ART. XXVIII.-Lecture on the Gulf Stream, Prepared at the Request of the American Association for the Advancement of Science; by A. D. BACHE, Supt. U. S. Coast Survey.*

[Delivered before the American Association for the Advancement of Science, at Newport.]

By request of the Association, at their last meeting, at Springfield, I now present a summary of the results of the Gulf Stream explorations made by the officers of the Coast Survey.

The Gulf Stream is the great hydrographic feature of the United States coast, and no survey of the coast could be complete for purposes of navigation, without it. Hence the explorations have been early undertaken and thoroughly carried on. But as it required peculiar means and special adaptation in the officers to this line of research, and did not require a continuous survey, the work has been executed from time to time, as means and officers could be had without interference with the more regular operations of the hydrography.

An act of Congress which refers to this Survey, requires the immediate presentation of its results to Congress and they have therefore been discussed as soon as procured and have been given to the public.

This is the great sea mark of the coast of the United States, both Gulf and Atlantic, and its qualities as hindrances and aids to navigation require that the navigator should be well informed in regard to it.

* Communicated by the Author.

AM. JOUR. SCI.—SECOND SERIES, VOL. XXXI, No. 90.—NOV., 1860.

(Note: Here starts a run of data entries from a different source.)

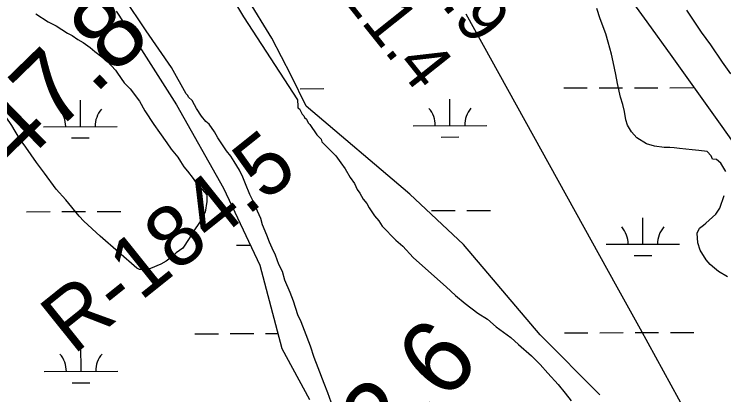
# Model space of a CAD drawing. Extents: x 3355724 to 3393621, y 594744 to 620174.
# Drawn here: x 3377127 to 3378091, y 614569 to 615086 of the extents above; entities that cross this region are included whole.
import ezdxf

# ---------------------------------------------------------------- set-up
doc = ezdxf.new("R2010")
doc.units = 0
for name, color, linetype in [('V-RIVR-EDGE', 7, 'Continuous'), ('V-RIVR-RANG', 7, 'Continuous'), ('V-RIVR-RANG-IDEN', 7, 'Continuous'), ('V-SITE-VEGE', 7, 'Continuous'), ('V-SURV-IDEN', 7, 'Continuous'), ('V-TOPO-MINR', 7, 'Continuous'), ('V-WETL-SWMP', 7, 'Continuous')]:
    doc.layers.add(name, color=color, linetype=linetype)

msp = doc.modelspace()

# ---------------------------------------------------------------- linework, layer by layer
at = {"layer": 'V-RIVR-EDGE'}
msp.add_spline([(3375380.82, 618352.84), (3375420.27, 618323.73), (3375445.07, 618301.37), (3375471.34, 618279.74), (3375501.25, 618255.17), (3375536.28, 618227.67), (3375549.03, 618211.92), (3375559.98, 618204.95), (3375576.4, 618194.3), (3375599.75, 618175.24), (3375638.78, 618140.78), (3375656.28, 618122.46), (3375673.42, 618104.87), (3375771.52, 618011.41), (3375800.34, 617985.75), (3375821.85, 617963.4), (3375844.09, 617941.05), (3375861.61, 617929.67), (3375882.4, 617909.52), (3375904.26, 617880.22), (3375960.43, 617832.56), (3375992.15, 617799.58), (3376041.01, 617748.28), (3376074.55, 617712.01), (3376185.41, 617603.17), (3376226.98, 617561.76), (3376338.57, 617455.84), (3376381.97, 617411.87), (3376437.4, 617359.09), (3376479.69, 617314.75), (3376500.1, 617289.48), (3376531.46, 617257.97), (3376571.57, 617217.29), (3376620.05, 617160.14), (3376637.9, 617137.07), (3376661.24, 617115.08), (3376679.48, 617098.95), (3376697.71, 617079.53), (3376717.03, 617058.28), (3376731.6, 617036.68), (3376745.46, 617023.12), (3376758.95, 617009.2), (3376794.67, 616969.63), (3376867.2, 616883.18), (3376881.79, 616866.69), (3376901.83, 616843.98), (3376931.38, 616817.22), (3376968.56, 616773.26), (3377038.17, 616690.11), (3377066.96, 616652.75), (3377087.74, 616632.96), (3377103.06, 616618.67), (3377120.92, 616596.33), (3377186.51, 616512.45), (3377216.03, 616475.46), (3377255.39, 616427.84), (3377303.85, 616366.31), (3377369.46, 616288.29), (3377405.91, 616245.79), (3377491.52, 616128.6), (3377526.12, 616075.88), (3377552.72, 616041.09), (3377626.7, 615950.25), (3377654.4, 615916.18), (3377678.45, 615886.15), (3377699.95, 615857.22), (3377777.92, 615752.48), (3377803.06, 615722.81), (3377843.53, 615678.11), (3377867.95, 615650.27), (3377881.43, 615631.96), (3377905.48, 615598.27), (3377926.6, 615565.68), (3377940.8, 615543.35), (3377958.65, 615518.81), (3377971.76, 615499.4), (3377982.68, 615481.47), (3378059.55, 615375.27), (3378094.52, 615325.1), (3378126.94, 615277.13), (3378185.17, 615175.73), (3378207.01, 615135.1), (3378307.9, 614987.17), (3378349.41, 614923.1), (3378390.94, 614864.14), (3378419.72, 614826.42), (3378449.24, 614789.42), (3378467.07, 614756.12), (3378482.35, 614726.47), (3378509.65, 614679.24), (3378546.06, 614621.03), (3378577.36, 614566.49), (3378597.73, 614524.77), (3378622.46, 614473.89), (3378650.12, 614424.48), (3378694.9, 614351.25), (3378714.91, 614311), (3378749.11, 614248.04), (3378759.68, 614232.66), (3378776.79, 614205.93), (3378791.7, 614172.99), (3378807.69, 614137.86), (3378844.81, 614066.85), (3378863.71, 614025.13), (3378885.92, 613990.72), (3378900.11, 613964), (3378916.5, 613936.54), (3378929.25, 613918.23), (3379005.71, 613794.85), (3379023.17, 613762.64), (3379028.99, 613751.66), (3379038.1, 613737.75), (3379055.97, 613721.98), (3379063.26, 613712.46), (3379072.71, 613690.14), (3379096.69, 613633.42), (3379107.6, 613608.17), (3379127.6, 613568.28), (3379150.17, 613527.28), (3379171.28, 613493.23), (3379216.04, 613409.41), (3379256.8, 613334.37), (3379314.98, 613211.4), (3379346.24, 613141.14), (3379363.68, 613098.33), (3379415.72, 613001.69), (3379435.35, 612957.78), (3379449.52, 612923.75), (3379470.62, 612881.66), (3379540.48, 612750.98), (3379564.86, 612706.33), (3379589.61, 612660.57), (3379652.22, 612553.68), (3379662.4, 612530.99), (3379662.74, 612523.68), (3379672.94, 612508.3), (3379687.86, 612480.85), (3379704.23, 612446.81), (3379704.94, 612442.05), (3379706.03, 612437.3), (3379717.66, 612409.12), (3379731.49, 612386.43), (3379735.12, 612376.91), (3379746.04, 612354.95), (3379762.07, 612334.44), (3379789.38, 612291.97), (3379802.84, 612266.35), (3379843.96, 612191.31), (3379872.71, 612135.68), (3379896.37, 612098.33), (3379901.45, 612082.97), (3379906.5, 612054.81), (3379909.41, 612046.76), (3379918.88, 612032.84), (3379935.28, 612013.06), (3379944.73, 611991.47), (3379953.43, 611964.03), (3379958.89, 611953.42), (3379967.28, 611946.09), (3379978.56, 611926.69), (3379993.48, 611899.96), (3380009.51, 611874.34), (3380070.27, 611759.4), (3380080.8, 611731.23), (3380088.07, 611713.3), (3380095.7, 611697.56), (3380112.46, 611674.13), (3380124.83, 611651.8), (3380123.72, 611645.22), (3380124.79, 611635.35), (3380137.16, 611610.46), (3380148.81, 611592.52), (3380155.02, 611587.75), (3380167.04, 611570.54), (3380177.58, 611546.39), (3380195.78, 611514.17), (3380214.71, 611483.42), (3380224.53, 611465.85), (3380228.15, 611449.39), (3380233.59, 611432.56), (3380253.97, 611395.96), (3380276.52, 611349.11), (3380293.96, 611306.3), (3380320.89, 611258.71), (3380341.28, 611224.67), (3380352.57, 611207.46), (3380364.6, 611196.1), (3380367.14, 611187.68), (3380368.95, 611179.64), (3380378.42, 611166.45), (3380389, 611155.46), (3380388.98, 611149.98), (3380391.14, 611136.81), (3380399.14, 611120.71), (3380419.9, 611089.58), (3380436.68, 611073.46), (3380444.33, 611062.84), (3380443.95, 611058.82), (3380442.84, 611052.97), (3380446.48, 611044.92), (3380459.96, 611025.88), (3380464.31, 611010.88), (3380471.21, 610992.22), (3380486.47, 610958.19), (3380519.26, 610912.78), (3380526.88, 610891.19), (3380537.4, 610858.27), (3380551.57, 610822.77), (3380593.77, 610740.06), (3380615.24, 610699.43), (3380640.74, 610663.54), (3380652.38, 610642.31), (3380663.65, 610615.23), (3380668, 610601.33), (3380674.19, 610590.71), (3380692.06, 610574.95), (3380702.63, 610562.49), (3380712.46, 610543.83), (3380727.72, 610509.79), (3380735.35, 610487.84), (3380741.14, 610466.26), (3380745.88, 610461.13), (3380752.82, 610456.36), (3380760.47, 610445.74), (3380779.75, 610409.14), (3380795.75, 610376.2), (3380801.59, 610370.34), (3380807.42, 610366.3), (3380811.79, 610355.69), (3380812.49, 610344.36), (3380817.94, 610330.45), (3380829.23, 610313.24), (3380839.05, 610293.84), (3380846.35, 610289.44), (3380854.01, 610282.84), (3380859.1, 610273.69), (3380867.1, 610253.93), (3380868.55, 610249.54), (3380877.66, 610239.65), (3380887.13, 610223.91), (3380896.59, 610208.53), (3380899.85, 610194.27), (3380899.84, 610190.24), (3380906.05, 610188.77), (3380912.99, 610185.09), (3380918.45, 610177.04), (3380918.43, 610171.19), (3380918.42, 610164.61), (3380918.4, 610157.66), (3380926.06, 610151.8), (3380935.54, 610140.81), (3380947.18, 610118.84), (3380956.29, 610103.83), (3380965.04, 610094.67), (3380973.4, 610078.94), (3380975.21, 610070.16), (3380981.77, 610062.1), (3380992.71, 610052.93), (3380996.72, 610044.88), (3380999.97, 610032.08), (3380999.95, 610022.94), (3381003.22, 610013.06), (3381010.15, 610006.83), (3381018.91, 610001.33), (3381025.83, 609991.44), (3381035.3, 609976.79), (3381052.05, 609952.26), (3381064.06, 609932.49), (3381081.17, 609901.74), (3381081.14, 609891.87), (3381086.58, 609872.85), (3381093.84, 609850.9), (3381104.02, 609830.4), (3381125.49, 609791.6), (3381152.44, 609750.23), (3381171.02, 609723.86), (3381189.57, 609687.99), (3381212.13, 609645.9), (3381231.43, 609613.32), (3381244.14, 609581.49), (3381257.94, 609543.07), (3381275.04, 609509.4), (3381303.06, 609460.34), (3381339.81, 609389.7), (3381375.86, 609334.05), (3381398.43, 609297.8), (3381410.81, 609276.57), (3381420.3, 609271.8), (3381423.22, 609268.13), (3381426.13, 609261.55), (3381429.78, 609259.34), (3381434.89, 609258.6), (3381439.64, 609256.39), (3381499.34, 609155.72), (3381528.08, 609097.89), (3381535.35, 609085.08), (3381535.33, 609077.04), (3381535.31, 609065.34), (3381535.29, 609058.03), (3381541.13, 609053.63), (3381551.71, 609048.49), (3381554.98, 609039.7), (3381564.07, 609020.67), (3381586.27, 608978.95), (3381604.83, 608944.17), (3381620.11, 608915.26), (3381628.49, 608903.54), (3381636.88, 608898.4), (3381651.08, 608874.6), (3381663.08, 608850.81), (3381678.38, 608829.21), (3381690.77, 608814.56), (3381704.61, 608790.4), (3381708.22, 608774.67), (3381710.37, 608757.85), (3381710.35, 608748.71), (3381708.5, 608737.75), (3381708.12, 608732.26), (3381711.37, 608718), (3381715.71, 608697.15), (3381717.88, 608689.84), (3381723.34, 608678.49), (3381733.53, 608661.65), (3381741.56, 608656.51), (3381747.03, 608652.48), (3381752.87, 608648.08), (3381759.82, 608648.06), (3381763.47, 608646.95), (3381765.65, 608640.74), (3381769.29, 608633.42), (3381776.21, 608626.45), (3381784.62, 608624.97), (3381791.56, 608623.86), (3381802.13, 608612.86), (3381808.33, 608607.36), (3381820.72, 608590.88), (3381831.67, 608582.82), (3381840.78, 608572.56), (3381857.51, 608537.79), (3381870.22, 608504.13), (3381876.02, 608481.45), (3381884.75, 608464.98), (3381898.59, 608444.11), (3381913.54, 608430.18), (3381932.09, 608392.48), (3381960.83, 608337.21), (3381973.56, 608310.86), (3381973.55, 608307.21), (3381972.8, 608299.9), (3381972.79, 608295.14), (3381974.97, 608287.83), (3381977.88, 608282.34), (3381985.91, 608277.2), (3381990.28, 608270.98), (3381997.19, 608259.26), (3382005.93, 608242.42), (3382015.74, 608221.2), (3382031.03, 608193.01), (3382044.49, 608168.85), (3382063.05, 608134.08), (3382080.13, 608094.92), (3382096.49, 608059.06), (3382116.86, 608016.61), (3382135.05, 607983.3), (3382154.33, 607945.23), (3382180.52, 607889.97), (3382186.33, 607875.7), (3382201.59, 607836.91), (3382211, 607801.06), (3382218.99, 607778.02), (3382226.27, 607767.03), (3382233.56, 607756.78), (3382247.73, 607722.75), (3382259, 607698.23), (3382261.54, 607688.35), (3382266.62, 607674.81), (3382271, 607670.42), (3382277.91, 607659.43), (3382286.29, 607646.25), (3382288.82, 607636.74), (3382293.54, 607621.01), (3382300.43, 607600.89), (3382310.61, 607578.93), (3382319.72, 607565.75), (3382337.93, 607536.82), (3382350.3, 607516.32), (3382357.57, 607499.12), (3382366.3, 607481.92), (3382374.32, 607469.47), (3382380.88, 607463.97), (3382386.73, 607463.23), (3382390.75, 607463.22), (3382394.4, 607459.92), (3382404.95, 607439.06), (3382412.58, 607420.03), (3382419.09, 607395.52), (3382431.81, 607365.52), (3382444.54, 607336.97), (3382461.28, 607305.86), (3382481.64, 607263.77), (3382528.25, 607190.18), (3382546.82, 607161.62), (3382558.1, 607140.03), (3382565.37, 607121.36), (3382577.74, 607099.04), (3382593.75, 607069.75), (3382609.41, 607044.12), (3382624.34, 607021.42), (3382632.36, 607011.17), (3382645.48, 606997.98), (3382659.35, 606986.98), (3382671.37, 606972.69), (3382685.21, 606951.82)], degree=3, dxfattribs=at)
at = {"layer": 'V-SITE-VEGE'}
for p, q in [((3377397.54, 615152.04), (3377438.36, 615082.62)), ((3377306.12, 615063.71), (3377270.97, 615116.45)), ((3377438.36, 615082.62), (3377511.48, 614970.21)), ((3377340.55, 615013.77), (3377306.12, 615063.71)), ((3377360.27, 614978.36), (3377340.55, 615013.77)), ((3377362.61, 614975.99), (3377360.27, 614978.36)), ((3377363.78, 614973.64), (3377362.61, 614975.99)), ((3377368.46, 614968.91), (3377363.78, 614973.64)), ((3377371.97, 614963.01), (3377368.46, 614968.91)), ((3377511.48, 614970.21), (3377511.99, 614961.24)), ((3377374.3, 614958.29), (3377371.97, 614963.01)), ((3377381.32, 614947.68), (3377374.3, 614958.29)), ((3377511.99, 614961.24), (3377511.98, 614958.89)), ((3377511.98, 614958.89), (3377514.33, 614957.7)), ((3377514.33, 614957.7), (3377517.83, 614950.63)), ((3377387.17, 614940.59), (3377381.32, 614947.68)), ((3377517.83, 614950.63), (3377520.17, 614948.27)), ((3377520.17, 614948.27), (3377521.34, 614945.91)), ((3377391.87, 614937.04), (3377387.17, 614940.59)), ((3377521.34, 614945.91), (3377523.68, 614943.54)), ((3377523.68, 614943.54), (3377526.02, 614938.83)), ((3377526.02, 614938.83), (3377528.36, 614936.46)), ((3377398.88, 614926.42), (3377391.87, 614937.04)), ((3377528.36, 614936.46), (3377537.71, 614922.3)), ((3377403.55, 614918.16), (3377398.88, 614926.42)), ((3377415.25, 614900.47), (3377403.55, 614918.16)), ((3377537.71, 614922.3), (3377543.57, 614916.4)), ((3377543.57, 614916.4), (3377544.73, 614912.86)), ((3377544.73, 614912.86), (3377563.48, 614893.96)), ((3377421.1, 614893.38), (3377415.25, 614900.47)), ((3377425.78, 614886.3), (3377421.1, 614893.38)), ((3377563.48, 614893.96), (3377570.5, 614884.51)), ((3377432.79, 614874.5), (3377425.78, 614886.3)), ((3377570.5, 614884.51), (3377576.35, 614876.25)), ((3377437.45, 614865.07), (3377432.79, 614874.5)), ((3377576.35, 614876.25), (3377583.36, 614864.45)), ((3377440.94, 614855.64), (3377437.45, 614865.07)), ((3377583.36, 614864.45), (3377589.21, 614856.19)), ((3377446.77, 614841.5), (3377440.94, 614855.64)), ((3377589.21, 614856.19), (3377592.7, 614847.94)), ((3377451.43, 614832.06), (3377446.77, 614841.5)), ((3377592.7, 614847.94), (3377596.21, 614843.22)), ((3377596.21, 614843.22), (3377600.89, 614834.96)), ((3377454.93, 614823.81), (3377451.43, 614832.06)), ((3377600.89, 614834.96), (3377605.57, 614829.06)), ((3377461.93, 614808.48), (3377454.93, 614823.81)), ((3377605.57, 614829.06), (3377609.07, 614823.16)), ((3377609.07, 614823.16), (3377616.09, 614812.54)), ((3377616.09, 614812.54), (3377621.94, 614805.46)), ((3377464.24, 614800.24), (3377461.93, 614808.48)), ((3377621.94, 614805.46), (3377626.62, 614798.38)), ((3377470.07, 614786.09), (3377464.24, 614800.24)), ((3377626.62, 614798.38), (3377645.37, 614779.47)), ((3377473.56, 614776.66), (3377470.07, 614786.09)), ((3377477.05, 614768.41), (3377473.56, 614776.66)), ((3377645.37, 614779.47), (3377654.75, 614771.2)), ((3377481.72, 614758.98), (3377477.05, 614768.41)), ((3377654.75, 614771.2), (3377668.8, 614755.84)), ((3377486.37, 614746.02), (3377481.72, 614758.98)), ((3377668.8, 614755.84), (3377693.42, 614733.38)), ((3377491.04, 614736.58), (3377486.37, 614746.02)), ((3377494.52, 614724.8), (3377491.04, 614736.58)), ((3377693.42, 614733.38), (3377713.35, 614715.64)), ((3377501.51, 614708.3), (3377494.52, 614724.8)), ((3377713.35, 614715.64), (3377726.24, 614703.82)), ((3377506.17, 614696.51), (3377501.51, 614708.3)), ((3377511.97, 614677.66), (3377506.17, 614696.51)), ((3377726.24, 614703.82), (3377739.14, 614693.18)), ((3377739.14, 614693.18), (3377756.74, 614680.16)), ((3377516.64, 614668.23), (3377511.97, 614677.66)), ((3377756.74, 614680.16), (3377769.64, 614671.87)), ((3377521.3, 614656.44), (3377516.64, 614668.23)), ((3377769.64, 614671.87), (3377781.37, 614661.23)), ((3377781.37, 614661.23), (3377801.31, 614647.02)), ((3377529.44, 614635.22), (3377521.3, 614656.44)), ((3377801.31, 614647.02), (3377811.86, 614637.57)), ((3377534.08, 614619.91), (3377529.44, 614635.22)), ((3377811.86, 614637.57), (3377829.45, 614622.2)), ((3377539.91, 614605.76), (3377534.08, 614619.91)), ((3377829.45, 614622.2), (3377841.16, 614610.38)), ((3377841.16, 614610.38), (3377851.7, 614598.57)), ((3377548.06, 614584.55), (3377539.91, 614605.76)), ((3377851.7, 614598.57), (3377865.76, 614583.21)), ((3377552.71, 614571.59), (3377548.06, 614584.55)), ((3377865.76, 614583.21), (3377875.12, 614571.4)), ((3377559.69, 614552.73), (3377552.71, 614571.59)), ((3377875.12, 614571.4), (3377883.31, 614560.78))]:
    msp.add_line(p, q, dxfattribs=at)
for points in [[(3377296.85, 614739.19), (3377293.48, 614741.4), (3377243.54, 614784.64), (3377221.65, 614805.16), (3377214.91, 614811.82), (3377196.92, 614834.04), (3377183.99, 614848.47), (3377168.23, 614870.15), (3377156.98, 614884.6), (3377142.89, 614905.73), (3377133.89, 614917.39), (3377123.74, 614935.2), (3377115.86, 614946.31), (3377105.15, 614962.44), (3377097.84, 614971.88), (3377087.15, 614986.33), (3377084.34, 614989.11), (3376987.1, 615099.61)], [(3378093.19, 614872.36), (3378086.42, 614884.04), (3378080.81, 614889.03), (3378075.22, 614889.56), (3378073.52, 614894.01), (3378067.9, 614899.56), (3378056.73, 614901.17), (3378047.79, 614902.23), (3378030.48, 614903.8), (3378023.21, 614904.87), (3378017.07, 614905.4), (3378009.81, 614905.35), (3377996.41, 614906.95), (3377985.78, 614910.23), (3377972.33, 614918.53), (3377965.03, 614926.3), (3377959.95, 614935.76), (3377957.67, 614943), (3377955.93, 614954.15), (3377953.64, 614963.63), (3377950.23, 614973.66), (3377946.21, 614992.05), (3377943.91, 615004.32), (3377940.45, 615021.6), (3377938.16, 615032.2), (3377933.59, 615048.36), (3377930.18, 615059.5), (3377922.8, 615080.11), (3377918.25, 615094.04)], [(3378039.95, 615091.98), (3378059.67, 615061.95), (3378072.61, 615044.73), (3378088.38, 615021.38), (3378099.64, 615005.26)], [(3377156.32, 615086.67), (3377173.13, 615076.16), (3377183.77, 615070.65), (3377199.46, 615060.69), (3377205.62, 615057.38), (3377213.47, 615051.84), (3377220.75, 615047.98), (3377230.28, 615041.34), (3377236.45, 615035.79), (3377245.99, 615028.59), (3377253.28, 615022.5), (3377264.52, 615010.29), (3377267.33, 615006.39), (3377276.34, 614993.05), (3377284.21, 614984.73), (3377297.15, 614968.06), (3377304.48, 614955.26), (3377316.32, 614936.35), (3377324.2, 614925.79), (3377334.33, 614911.34), (3377339.96, 614903), (3377348.96, 614891.89), (3377352.9, 614886.33), (3377357.41, 614879.1), (3377362.47, 614872.99), (3377369.79, 614862.99), (3377374.29, 614856.32), (3377378.79, 614851.88), (3377388.34, 614840.77), (3377388.4, 614831.84), (3377386.25, 614817.31), (3377380.18, 614806.11), (3377369.12, 614789.3), (3377364.7, 614781.46), (3377355.85, 614768.57), (3377346.95, 614761.81), (3377342.51, 614757.32), (3377333.06, 614750.57), (3377325.83, 614746.61), (3377311.91, 614740.95), (3377302.99, 614739.22), (3377296.85, 614739.19)], [(3378095.72, 614729.47), (3378083.4, 614736.65), (3378077.79, 614741.08), (3378072.18, 614746.08), (3378066.55, 614752.74), (3378058.66, 614765.53), (3378055.25, 614775.56), (3378054.61, 614788.95), (3378057.36, 614795.67), (3378062.92, 614799.61), (3378066.25, 614802.42), (3378079.58, 614814.78), (3378085.11, 614822.63), (3378091.15, 614839.97)]]:
    msp.add_lwpolyline(points, dxfattribs=at)
at = {"layer": 'V-TOPO-MINR'}
for points in [[(3378337.73, 614581.37), (3378088.18, 614933.85), (3378054.45, 614981.33), (3378020.61, 615028.73), (3377986.63, 615076.03), (3377952.54, 615123.26)], [(3377740.38, 615086.75), (3377945.52, 614715.94), (3377976.94, 614658.88), (3378008.22, 614601.74), (3378039.26, 614544.48), (3378070.16, 614487.14), (3378111.09, 614410.82)]]:
    msp.add_lwpolyline(points, dxfattribs=at)
at = {"layer": 'V-WETL-SWMP'}
for p, q in [((3377476.81, 615053.95), (3377436.01, 615120.58)), ((3377265.52, 615090.3), (3377296.46, 615043.11)), ((3377502.89, 615003.25), (3377476.81, 615053.95)), ((3377296.46, 615043.11), (3377347.09, 614963.31)), ((3377523.34, 614961.58), (3377502.89, 615003.25)), ((3377873.2, 614986.07), (3377905.2, 614986.15)), ((3377921.2, 614986.19), (3377953.2, 614986.28)), ((3377969.2, 614986.32), (3378001.2, 614986.4)), ((3378017.2, 614986.44), (3378049.2, 614986.53)), ((3377515.29, 614985.13), (3377547.29, 614985.21)), ((3377216.83, 614933.61), (3377216.74, 614969.61)), ((3377718.74, 614934.92), (3377718.64, 614970.92)), ((3377347.09, 614963.31), (3377411.33, 614850.07)), ((3377664.29, 614841.95), (3377523.34, 614961.58)), ((3377166.83, 614933.48), (3377266.83, 614933.74)), ((3377668.74, 614934.79), (3377768.74, 614935.05)), ((3377204.87, 614918.14), (3377228.87, 614918.21)), ((3377706.78, 614919.46), (3377730.78, 614919.52)), ((3377411.33, 614850.07), (3377460.31, 614745.14)), ((3377736.96, 614773.39), (3377664.29, 614841.95)), ((3377143.73, 614817.98), (3377175.73, 614818.07)), ((3377191.73, 614818.11), (3377223.72, 614818.19)), ((3377239.72, 614818.23), (3377271.72, 614818.32)), ((3377693.63, 614819.42), (3377725.63, 614819.51)), ((3377741.63, 614819.55), (3377773.63, 614819.63)), ((3377980.6, 614773.74), (3377980.5, 614809.74)), ((3377841.17, 614650.58), (3377736.96, 614773.39)), ((3377930.6, 614773.61), (3378030.6, 614773.87)), ((3377428.69, 614772.3), (3377447.61, 614772.35)), ((3377968.64, 614758.28), (3377992.64, 614758.34)), ((3377460.31, 614745.14), (3377490.43, 614632.05)), ((3377372.16, 614652.08), (3377404.16, 614652.16)), ((3377420.16, 614652.2), (3377452.16, 614652.29)), ((3377468.16, 614652.33), (3377485.02, 614652.37)), ((3377922.01, 614569.04), (3377841.17, 614650.58)), ((3377874.07, 614653.39), (3377906.07, 614653.48)), ((3377922.07, 614653.52), (3377954.07, 614653.6)), ((3377970.07, 614653.64), (3378002.07, 614653.73)), ((3378018.07, 614653.77), (3378050.07, 614653.85)), ((3377217.7, 614600.93), (3377217.61, 614636.93)), ((3377490.43, 614632.05), (3377527.79, 614562.47)), ((3377167.7, 614600.8), (3377267.7, 614601.06)), ((3377205.74, 614585.47), (3377229.74, 614585.53))]:
    msp.add_line(p, q, dxfattribs=at)
for centre, start, end in [((3377161.59, 614933.94), 359.37818, 40.92184), ((3377272.07, 614934.23), 139.37818, 180.92184), ((3377663.49, 614935.25), 359.37818, 40.92184), ((3377773.98, 614935.54), 139.37818, 180.92184), ((3377925.35, 614774.07), 359.37818, 40.92184), ((3378035.84, 614774.36), 139.37818, 180.92184), ((3377162.46, 614601.26), 359.37818, 40.92184), ((3377272.94, 614601.55), 139.37818, 180.92184)]:
    msp.add_arc(centre, 35.25, start, end, dxfattribs=at)

# ---------------------------------------------------------------- texts
at = {"layer": 'V-RIVR-RANG'}
for s, p in [('20.9', (3377643.68, 615177.4)), ('21.4', (3377565.81, 615114.66))]:
    msp.add_text(s, height=67, rotation=308.56833, dxfattribs=at).set_placement(p)
at = {"layer": 'V-RIVR-RANG-IDEN'}
msp.add_text('R-184.5', height=83, rotation=38.70632, dxfattribs=at).set_placement((3377207.23, 614622.27))
at = {"layer": 'V-SURV-IDEN'}
for s, rotation, p in [('5738+47.8', 44.23, (3376860.23, 614610.11)), ('5745+52.6', 46.17861, (3377321.63, 614152.97))]:
    msp.add_text(s, height=100, rotation=rotation, dxfattribs=at).set_placement(p)

doc.saveas('drawing.dxf')

In order to present an intelligible summary of the results obtained by the Coast Survey in the short time allowed for a lecture, it is necessary to condense the subject very considerably, to omit matters at all extraneous to the subjects in hand, and to Confine myself to a brief and direct statement of the means eṁployed in examining the stream from its surface to its depths, the method of studying the results, and of the results themselves.

The temperatures in and near the Gulf Stream, are among its most striking peculiarities, and therefore have formed one principal object of observation. It will be necessary in order to bring the subject within limits, to confine myself chiefly at this time to the consideration of this class of facts and to the results and laws connected with them.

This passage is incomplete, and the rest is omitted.